Rheumatology Trends to Watch in 2015

Kevin Deane, MD


January 12, 2015

In This Article

Effectiveness of New Therapies

The last year or so has seen many important advances in rheumatology, many of which will likely have a growing influence on the field in 2015. Below I've highlighted some of these areas of research, starting with promising therapeutic data.

Date were increasingly positive about the effectiveness of rituximab for the initial treatment as well as maintenance of anti-neutrophil cytoplasmic antibody (ANCA)-associated vasculitis.[1,2]

In seronegative spondyloarthritis (SpA), data emerged about the ability of early use of anti-tumor necrosis factor (anti-TNF) alpha therapy to improve long-term outcomes.[3] There were also advances in the understanding of mechanisms of inflammation (eg, interleukin [IL]-23 and IL-17 pathways), mechanical strain, and bone formation.[4,5] Furthermore, the discovery of some autoantibodies (eg, anti-noggin and anti-sclerostin) in these diseases that were previously thought to be "seronegative" may soon change our understanding about the underlying pathophysiology of these diseases.[6] More controversially, the entity of non-radiographic axial SpA (nr-axial SpA) saw increasing exposure in the literature.[7]

In rheumatoid arthritis (RA), where for years rheumatologists were just trying to gain control of disease, an increasing number of studies found that in some patients, tapering of medications may be possible without substantial loss of disease control.[8,9] Growing data informed us about the safety, efficacy, and potential clinical role of tofacitinib (Xeljanz®).[10] We also gained a deeper understanding of how and when to use corticosteroids most effectively in RA.[11]

In systemic lupus erythematosus (SLE), there was increasing understanding of the long-term benefit of hydroxychloroquine (Plaquenil®)[12] and a refinement of where anti-B-cell therapy might fit in disease management.[13,14] More data are needed, but tacrolimus as part of a multi-drug regimen may help prevent proteinuria in lupus nephritis.[15] Unfortunately, abatacept (Orencia®) did not appear to improve outcomes in patients with renal disease.[16]

The effects of these advances will be important to watch in 2015. In particular, it will be of great interest to see how the data on the effectiveness of rituximab in ANCA-positive vasculitis affect clinical care.
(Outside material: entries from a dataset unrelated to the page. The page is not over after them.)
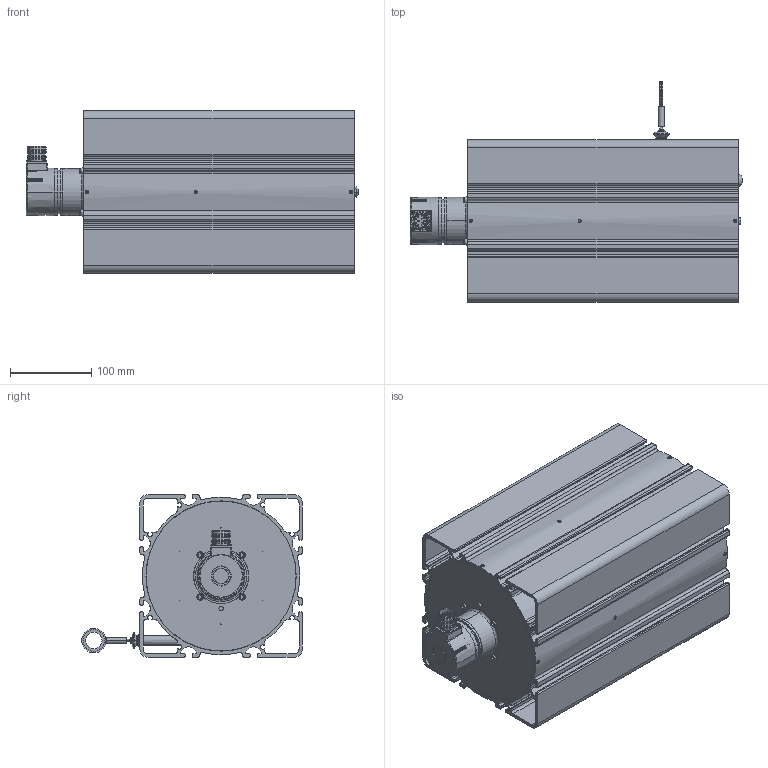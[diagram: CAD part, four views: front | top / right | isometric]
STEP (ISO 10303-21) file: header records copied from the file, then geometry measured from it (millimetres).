
FILE_DESCRIPTION((''),'2;1');
FILE_NAME('WDS-50000-P200-SR-SSI_02_ASM','2024-05-28T10:41:18',('15000597'),(''),'CREO PARAMETRIC BY PTC INC, 2022164','CREO PARAMETRIC BY PTC INC, 2022164','');
FILE_SCHEMA(('AUTOMOTIVE_DESIGN { 1 0 10303 214 1 1 1 1 }'));
Products named in the file (40): TELESO_SENZORU_50M_P200_AF0; BOCNICE_VNEJSI_P200_AF0; LOZISKO_6000_10X26X8_AF1; PREDNI_STENA_P200_DIRA_S_POJIST_AF0; SROUB_ISO7380_COC_HEX_C_M5X10_AF0; TRUBKA_PRUCHODKY_P200_AF0; PRUCHODKA_P200; GUMOVY_VLNOVEC; STIRATKO_LANKO_FORMA_0I8; DUTY_NYT_A_3X10; GP_7I5X2I0X25_EXT_EPDM60; LANKO_7X7_0I63_0I8_AF0; OKO_LANKA_TRE; CU-TRUBICKA_2X1I4X5_NEPOUZIVAT_AF0; SPOJKA_GS5_PR6_2I1_AF0; KOLIK_PRUZNY_2X8_AF0; PODLOZKA_M4_VEJIROVA_AF0; PODLOZKA_M4_VEJIROVA_AF1; PODLOZKA_M4_VEJIROVA_AF2; PODLOZKA_M4_VEJIROVA_AF3; SROUB_ISO4762_VALC_HEX_M4X6_AF0; SROUB_ISO4762_VALC_HEX_M4X6_AF1; SROUB_ISO4762_VALC_HEX_M4X6_AF2; SROUB_ISO4762_VALC_HEX_M4X6_AF3; SROUB_ISO7380_COC_HEX_M8X8_AF0; PRIRUBA_SYNCHRO_P96_P200_AF0; SPOJKA_KRIZ_AF0; SROUB_ISO4029_STAV_HEX_M4X4; SROUB_ISO4029_STAV_HEX_M4X4_AF0; SROUB_ISO4029_STAV_HEX_M4X4_AF1; SROUB_ISO4029_STAV_HEX_M4X4_AF2; SROUB_ISO4029_STAV_HEX_M4X4_AF3; SROUB_ISO4029_STAV_HEX_M4X4_AF4; SROUB_ISO4029_STAV_HEX_M4X4_AF5; SROUB_ISO4029_STAV_HEX_M4X4_AF6; SROUB_ISO4029_STAV_HEX_M4X4_AF7; SPOJKA_GS5_PR6_AF0; SROUB_ISO4029_STAV_HEX_M3X3_AF0; BAU_SYNCHRO_SSI_EN580EIML-SU06; WDS-50000-P200-SR-SSI_02_ASM
Assembly tree (42 placements, depth 2):
  WDS-50000-P200-SR-SSI_02_ASM
    TELESO_SENZORU_50M_P200_AF0
    BOCNICE_VNEJSI_P200_AF0
    LOZISKO_6000_10X26X8_AF1
    PREDNI_STENA_P200_DIRA_S_POJIST_AF0
    SROUB_ISO7380_COC_HEX_C_M5X10_AF0
    TRUBKA_PRUCHODKY_P200_AF0
    PRUCHODKA_P200
    GUMOVY_VLNOVEC
    STIRATKO_LANKO_FORMA_0I8
    DUTY_NYT_A_3X10
    GP_7I5X2I0X25_EXT_EPDM60
    LANKO_7X7_0I63_0I8_AF0
    OKO_LANKA_TRE
    CU-TRUBICKA_2X1I4X5_NEPOUZIVAT_AF0
    SPOJKA_GS5_PR6_2I1_AF0
    KOLIK_PRUZNY_2X8_AF0
    PODLOZKA_M4_VEJIROVA_AF0
    PODLOZKA_M4_VEJIROVA_AF1
    PODLOZKA_M4_VEJIROVA_AF2
    PODLOZKA_M4_VEJIROVA_AF3
    SROUB_ISO4762_VALC_HEX_M4X6_AF0
    SROUB_ISO4762_VALC_HEX_M4X6_AF1
    SROUB_ISO4762_VALC_HEX_M4X6_AF2
    SROUB_ISO4762_VALC_HEX_M4X6_AF3
    SROUB_ISO7380_COC_HEX_M8X8_AF0
    PRIRUBA_SYNCHRO_P96_P200_AF0
    SPOJKA_KRIZ_AF0
    SROUB_ISO4029_STAV_HEX_M4X4  x4
    SROUB_ISO4029_STAV_HEX_M4X4_AF0
    SROUB_ISO4029_STAV_HEX_M4X4_AF1
    SROUB_ISO4029_STAV_HEX_M4X4_AF2
    SROUB_ISO4029_STAV_HEX_M4X4_AF3
    SROUB_ISO4029_STAV_HEX_M4X4_AF4
    SROUB_ISO4029_STAV_HEX_M4X4_AF5
    SROUB_ISO4029_STAV_HEX_M4X4_AF6
    SROUB_ISO4029_STAV_HEX_M4X4_AF7
    SPOJKA_GS5_PR6_AF0
    SROUB_ISO4029_STAV_HEX_M3X3_AF0
    BAU_SYNCHRO_SSI_EN580EIML-SU06
Bounding box: 408.85 x 271.7 x 200 mm (x, y, z)
Volume: 1941050 mm3; surface area: 978184.6 mm2
Topology: 34 solids, 72 shells, 2687 faces, 7117 edges, 4599 vertices
Faces by surface type: plane 1043, cylinder 812, bspline 295, cone 290, torus 159, extrusion 50, sphere 22, revolution 16
Entity records: 137994 total; most frequent: CARTESIAN_POINT 51707, ORIENTED_EDGE 13640, DIRECTION 12386, EDGE_CURVE 6911, AXIS2_PLACEMENT_3D 4695, PRESENTATION_STYLE_ASSIGNMENT 4666, STYLED_ITEM 4666, VERTEX_POINT 4518

Moreover, it will be of interest to see whether more patients with axial SpA are started on anti-TNF therapy earlier, although we can also expect to see further controversy about the diagnosis and management of "nr-axial SpA." It will also be of interest to see how a potential for tapering medications in RA will affect clinical care. Of importance, will patients whose lives have been changed through use of an anti-TNF agent willingly part with it, even if their disease remains well-controlled in the eyes of a rheumatologist?

Early Diagnosis, Long-term Management, and Treatment Guidelines

Other important areas to watch will be the longer-term impact of the Affordable Care Act on patients with rheumatic disease in terms of early disease diagnosis as well as long-term management. Because we now realize that early recognition and treatment of a variety of rheumatic diseases leads to improved long-term outcomes, hopefully our healthcare system will facilitate such care.

Several new treatment guidelines are anticipated from the American College of Rheumatology in early 2015. These include guidelines for RA, axial spondyloarthropathies, and polymyalgia rheumatica. Hopefully, these guidelines will help lead to uniform improvements in the standards of care in these areas.

In terms of mechanisms of disease, neutrophil extracellular trap (NET) formation was shown to play a role in the pathogenesis of RA.[17] In addition, peptidyl arginine deiminase inhibition appeared to reduce NET-related inflammation and injury in a murine model of SLE.[18] These findings open the door to novel treatment paradigms for both of these rheumatic diseases.